Each line below that contains "BusCreator" should be counted; give the total alone.
#### EXERCISE INPUTS
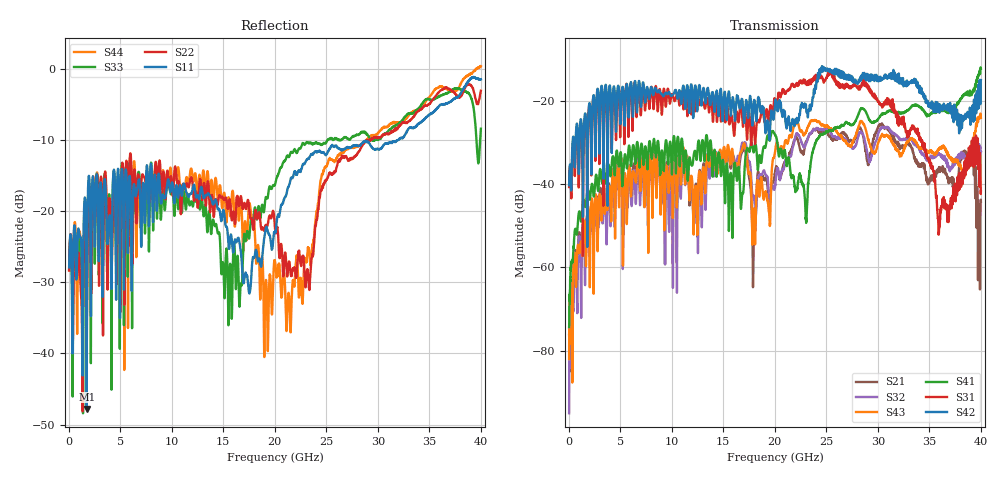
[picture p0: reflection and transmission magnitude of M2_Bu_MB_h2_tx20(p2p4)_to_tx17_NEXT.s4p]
! S11 = S11
! S12 = S12
! S13 = S13
! S14 = S14
! S21 = S21
! S22 = S22
! S23 = S23
! S24 = S24
! S31 = S31
! S32 = S32
! S33 = S33
! S34 = S34
! S41 = S41
! S42 = S42
! S43 = S43
! S44 = S44
! FILE: \\englab.brocade.com\shares\Groups\SIT\Work\Shaohua\IEEE_channels\M2_Bu_MB_h2_tx20(p2p4)_to_tx17_NEXT.s4p
!$DUT_CFG_DESC: Default 4-Port Configuration
!$NUMBER_PORTS: 4
!$DIFF_PORT_MAP: 1|2P|2|2P|0|UC|0|UC|
!$PORT_MAP: PNA 1|1|<<<<<<|TS 2|2|>>>>>>|PNA 2|3|<<<<<<|TS 4|4|>>>>>>|
# MHz S RI R 50.00
! FREQ  S11  S12  S13  S14
!  S21  S22  S23  S24
!  S31  S32  S33  S34
!  S41  S42  S43  S44
!  REAL  IMAG  REAL  IMAG  REAL  IMAG  REAL  IMAG
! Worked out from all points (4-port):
!   3996 points, 50 MHz to 40 GHz, reference 50 ohm
!   strongest paths, dB at 50 MHz, 10.04 GHz, 20.03 GHz, 30.02 GHz, 40 GHz:
!     S42: -40.2, -18.6, -20.8, -14.6, -14.9
!     S31: -40.7, -18.3, -19.6, -20.1, -41.7
!     S41: -74.4, -37.4, -28.2, -24.4, -12.2
!     S43: -82.0, -39.3, -32.3, -30.2, -24.0
!     S32: -95.1, -38.2, -40.3, -27.9, -32.2
!     S21: -76.2, -38.7, -37.1, -26.3, -44.2
!   lowest |S11| = -47.8 dB at 1.76 GHz (marker M1), VSWR 1.01, Z = 49.6 - j0.101 ohm
!   |S11| at or under -10 dB: start of sweep to 31.89 GHz; 31.92722 GHz to 31.96109 GHz (33.87 MHz wide, 0.106 % of centre)
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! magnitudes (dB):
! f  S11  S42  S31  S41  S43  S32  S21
! 50 MHz  -27.9  -40.2  -40.7  -74.4  -82.0  -95.1  -76.2
! 1.76 GHz  -47.8  -30.9  -32.1  -42.8  -50.2  -48.4  -48.2
! 17.98 GHz  -26.5  -20.1  -26.3  -32.1  -46.0  -42.9  -52.3
! 21.42 GHz  -16.2  -25.6  -17.0  -34.5  -28.4  -33.2  -32.6
! 31.28 GHz  -10.4  -14.0  -20.5  -22.3  -29.2  -27.2  -27.9
! 35.94 GHz  -5.2  -21.5  -51.0  -22.4  -31.7  -32.9  -36.7
! 40 GHz  -1.4  -14.9  -41.7  -12.2  -24.0  -32.2  -44.2
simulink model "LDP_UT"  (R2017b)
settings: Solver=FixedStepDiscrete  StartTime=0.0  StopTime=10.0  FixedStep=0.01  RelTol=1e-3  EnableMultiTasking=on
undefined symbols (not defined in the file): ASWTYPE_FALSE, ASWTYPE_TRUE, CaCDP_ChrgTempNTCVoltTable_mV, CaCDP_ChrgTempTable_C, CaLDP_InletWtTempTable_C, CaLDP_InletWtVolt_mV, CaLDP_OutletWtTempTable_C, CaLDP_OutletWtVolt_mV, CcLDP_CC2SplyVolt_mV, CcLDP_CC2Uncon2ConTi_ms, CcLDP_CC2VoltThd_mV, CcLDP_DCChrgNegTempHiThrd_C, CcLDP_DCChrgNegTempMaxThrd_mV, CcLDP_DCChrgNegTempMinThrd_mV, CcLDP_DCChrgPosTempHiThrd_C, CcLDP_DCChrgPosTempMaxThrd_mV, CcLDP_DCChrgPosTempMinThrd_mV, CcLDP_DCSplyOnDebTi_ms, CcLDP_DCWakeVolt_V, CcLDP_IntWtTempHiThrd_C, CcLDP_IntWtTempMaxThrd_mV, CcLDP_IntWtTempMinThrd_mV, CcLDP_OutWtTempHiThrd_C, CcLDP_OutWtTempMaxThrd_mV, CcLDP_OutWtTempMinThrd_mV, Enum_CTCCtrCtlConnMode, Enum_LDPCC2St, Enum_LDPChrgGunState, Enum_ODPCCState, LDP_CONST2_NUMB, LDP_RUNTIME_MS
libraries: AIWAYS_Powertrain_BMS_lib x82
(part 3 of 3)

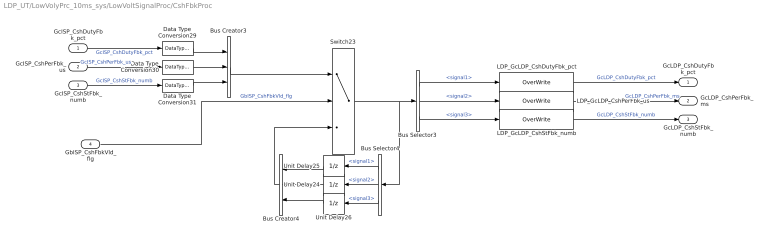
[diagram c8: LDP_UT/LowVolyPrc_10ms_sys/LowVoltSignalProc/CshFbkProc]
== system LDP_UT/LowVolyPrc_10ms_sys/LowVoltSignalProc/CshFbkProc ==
  GcISP_CshDutyFbk_pct : Inport
  GcISP_CshPerFbk_us : Inport  Port=2
  GcISP_CshStFbk_numb : Inport  Port=3
  GbISP_CshFbkVld_flg : Inport  Port=4
  Bus Creator3 : BusCreator  Inputs=3
  Bus Creator4 : BusCreator  Inputs=3
  Bus Selector3 : BusSelector  OutputSignals=signal1,signal2,signal3
  Bus Selector4 : BusSelector  OutputSignals=signal1,signal2,signal3
  Data Type Conversion29 : DataTypeConversion
  Data Type Conversion30 : DataTypeConversion
  Data Type Conversion31 : DataTypeConversion
  LDP_GcLDP_CshDutyFbk_pct : AIWAYS_Powertrain_BMS_lib/Signals/OverWrite  OverWrite_Value=CcLDP_CshDutyFbkOvr_pct  OverWrite_flag=CbLDP_CshDutyFbkOvrSwt_flg
  LDP_GcLDP_CshPerFbk_us : AIWAYS_Powertrain_BMS_lib/Signals/OverWrite  OverWrite_Value=CcLDP_CshPerFbkOvr_ms  OverWrite_flag=CbLDP_CshPerFbkOvrSwt_flg
  LDP_GcLDP_CshStFbk_numb : AIWAYS_Powertrain_BMS_lib/Signals/OverWrite  OverWrite_Value=CcLDP_CshStFbkOvr_numb  OverWrite_flag=CbLDP_CshStFbkOvrSwt_flg
  Switch23 : Switch  Criteria=u2 ~= 0  Threshold=1  RndMeth=Zero
  Unit Delay24 : UnitDelay  SampleTime=-1  StateName=StateName
  Unit Delay25 : UnitDelay  SampleTime=-1  StateName=StateName
  Unit Delay26 : UnitDelay  SampleTime=-1  StateName=StateName
  GcLDP_CshDutyFbk_pct : Outport
  GcLDP_CshPerFbk_ms : Outport  Port=2
  GcLDP_CshStFbk_numb : Outport  Port=3
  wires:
  Bus Selector4/2 -> Unit Delay24/1  "<signal2>"
  Bus Selector3/2 -> LDP_GcLDP_CshPerFbk_us/1  "<signal2>"
  LDP_GcLDP_CshDutyFbk_pct/1 -> GcLDP_CshDutyFbk_pct/1  "GcLDP_CshDutyFbk_pct"
  Bus Selector4/1 -> Unit Delay25/1  "<signal1>"
  Bus Selector3/1 -> LDP_GcLDP_CshDutyFbk_pct/1  "<signal1>"
  Unit Delay25/1 -> Bus Creator4/1
  Unit Delay26/1 -> Bus Creator4/3
  Unit Delay24/1 -> Bus Creator4/2
  GcISP_CshStFbk_numb/1 -> Data Type Conversion31/1  "GcISP_CshStFbk_numb"
  Bus Selector4/3 -> Unit Delay26/1  "<signal3>"
  GbISP_CshFbkVld_flg/1 -> Switch23/2  "GbISP_CshFbkVld_flg"
  Data Type Conversion31/1 -> Bus Creator3/3
  Data Type Conversion30/1 -> Bus Creator3/2
  Bus Creator3/1 -> Switch23/1
  Bus Selector3/3 -> LDP_GcLDP_CshStFbk_numb/1  "<signal3>"
  LDP_GcLDP_CshPerFbk_us/1 -> GcLDP_CshPerFbk_ms/1  "GcLDP_CshPerFbk_ms"
  Bus Creator4/1 -> Switch23/3
  GcISP_CshDutyFbk_pct/1 -> Data Type Conversion29/1  "GcISP_CshDutyFbk_pct"
  LDP_GcLDP_CshStFbk_numb/1 -> GcLDP_CshStFbk_numb/1  "GcLDP_CshStFbk_numb"
  Switch23/1 -> Bus Selector4/1, Bus Selector3/1
  GcISP_CshPerFbk_us/1 -> Data Type Conversion30/1  "GcISP_CshPerFbk_us"
  Data Type Conversion29/1 -> Bus Creator3/1

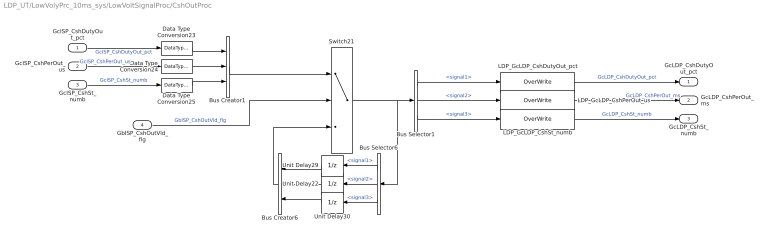
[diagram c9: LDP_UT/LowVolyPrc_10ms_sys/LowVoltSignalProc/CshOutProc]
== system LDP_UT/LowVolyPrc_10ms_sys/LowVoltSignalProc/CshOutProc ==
  GcISP_CshDutyOut_pct : Inport
  GcISP_CshPerOut_us : Inport  Port=2
  GcISP_CshSt_numb : Inport  Port=3
  GbISP_CshOutVld_flg : Inport  Port=4
  Bus Creator1 : BusCreator  Inputs=3
  Bus Creator6 : BusCreator  Inputs=3
  Bus Selector1 : BusSelector  OutputSignals=signal1,signal2,signal3
  Bus Selector6 : BusSelector  OutputSignals=signal1,signal2,signal3
  Data Type Conversion23 : DataTypeConversion
  Data Type Conversion24 : DataTypeConversion
  Data Type Conversion25 : DataTypeConversion
  LDP_GcLDP_CshDutyOut_pct : AIWAYS_Powertrain_BMS_lib/Signals/OverWrite  OverWrite_Value=CcLDP_CshDutyOutOvr_pct  OverWrite_flag=CbLDP_CshDutyOutOvrSwt_flg
  LDP_GcLDP_CshPerOut_us : AIWAYS_Powertrain_BMS_lib/Signals/OverWrite  OverWrite_Value=CcLDP_CshPerOutOvr_ms  OverWrite_flag=CbLDP_CshPerOutOvrSwt_flg
  LDP_GcLDP_CshSt_numb : AIWAYS_Powertrain_BMS_lib/Signals/OverWrite  OverWrite_Value=CcLDP_CshStOvr_numb  OverWrite_flag=CbLDP_CshStOvrSwt_flg
  Switch21 : Switch  Criteria=u2 ~= 0  Threshold=1  RndMeth=Zero
  Unit Delay22 : UnitDelay  SampleTime=-1  StateName=StateName
  Unit Delay29 : UnitDelay  SampleTime=-1  StateName=StateName
  Unit Delay30 : UnitDelay  SampleTime=-1  StateName=StateName
  GcLDP_CshDutyOut_pct : Outport
  GcLDP_CshPerOut_ms : Outport  Port=2
  GcLDP_CshSt_numb : Outport  Port=3
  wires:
  Data Type Conversion25/1 -> Bus Creator1/3
  Unit Delay22/1 -> Bus Creator6/2
  GcISP_CshSt_numb/1 -> Data Type Conversion25/1  "GcISP_CshSt_numb"
  Data Type Conversion23/1 -> Bus Creator1/1
  Bus Selector6/2 -> Unit Delay22/1  "<signal2>"
  Bus Creator6/1 -> Switch21/3
  Switch21/1 -> Bus Selector6/1, Bus Selector1/1
  LDP_GcLDP_CshDutyOut_pct/1 -> GcLDP_CshDutyOut_pct/1  "GcLDP_CshDutyOut_pct"
  Bus Selector6/1 -> Unit Delay29/1  "<signal1>"
  Unit Delay29/1 -> Bus Creator6/1
  Data Type Conversion24/1 -> Bus Creator1/2
  Bus Selector6/3 -> Unit Delay30/1  "<signal3>"
  Bus Selector1/2 -> LDP_GcLDP_CshPerOut_us/1  "<signal2>"
  GbISP_CshOutVld_flg/1 -> Switch21/2  "GbISP_CshOutVld_flg"
  Bus Selector1/1 -> LDP_GcLDP_CshDutyOut_pct/1  "<signal1>"
  Bus Selector1/3 -> LDP_GcLDP_CshSt_numb/1  "<signal3>"
  LDP_GcLDP_CshPerOut_us/1 -> GcLDP_CshPerOut_ms/1  "GcLDP_CshPerOut_ms"
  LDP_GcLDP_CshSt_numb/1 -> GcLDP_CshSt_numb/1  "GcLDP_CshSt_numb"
########
# [TASK ANSWER]
4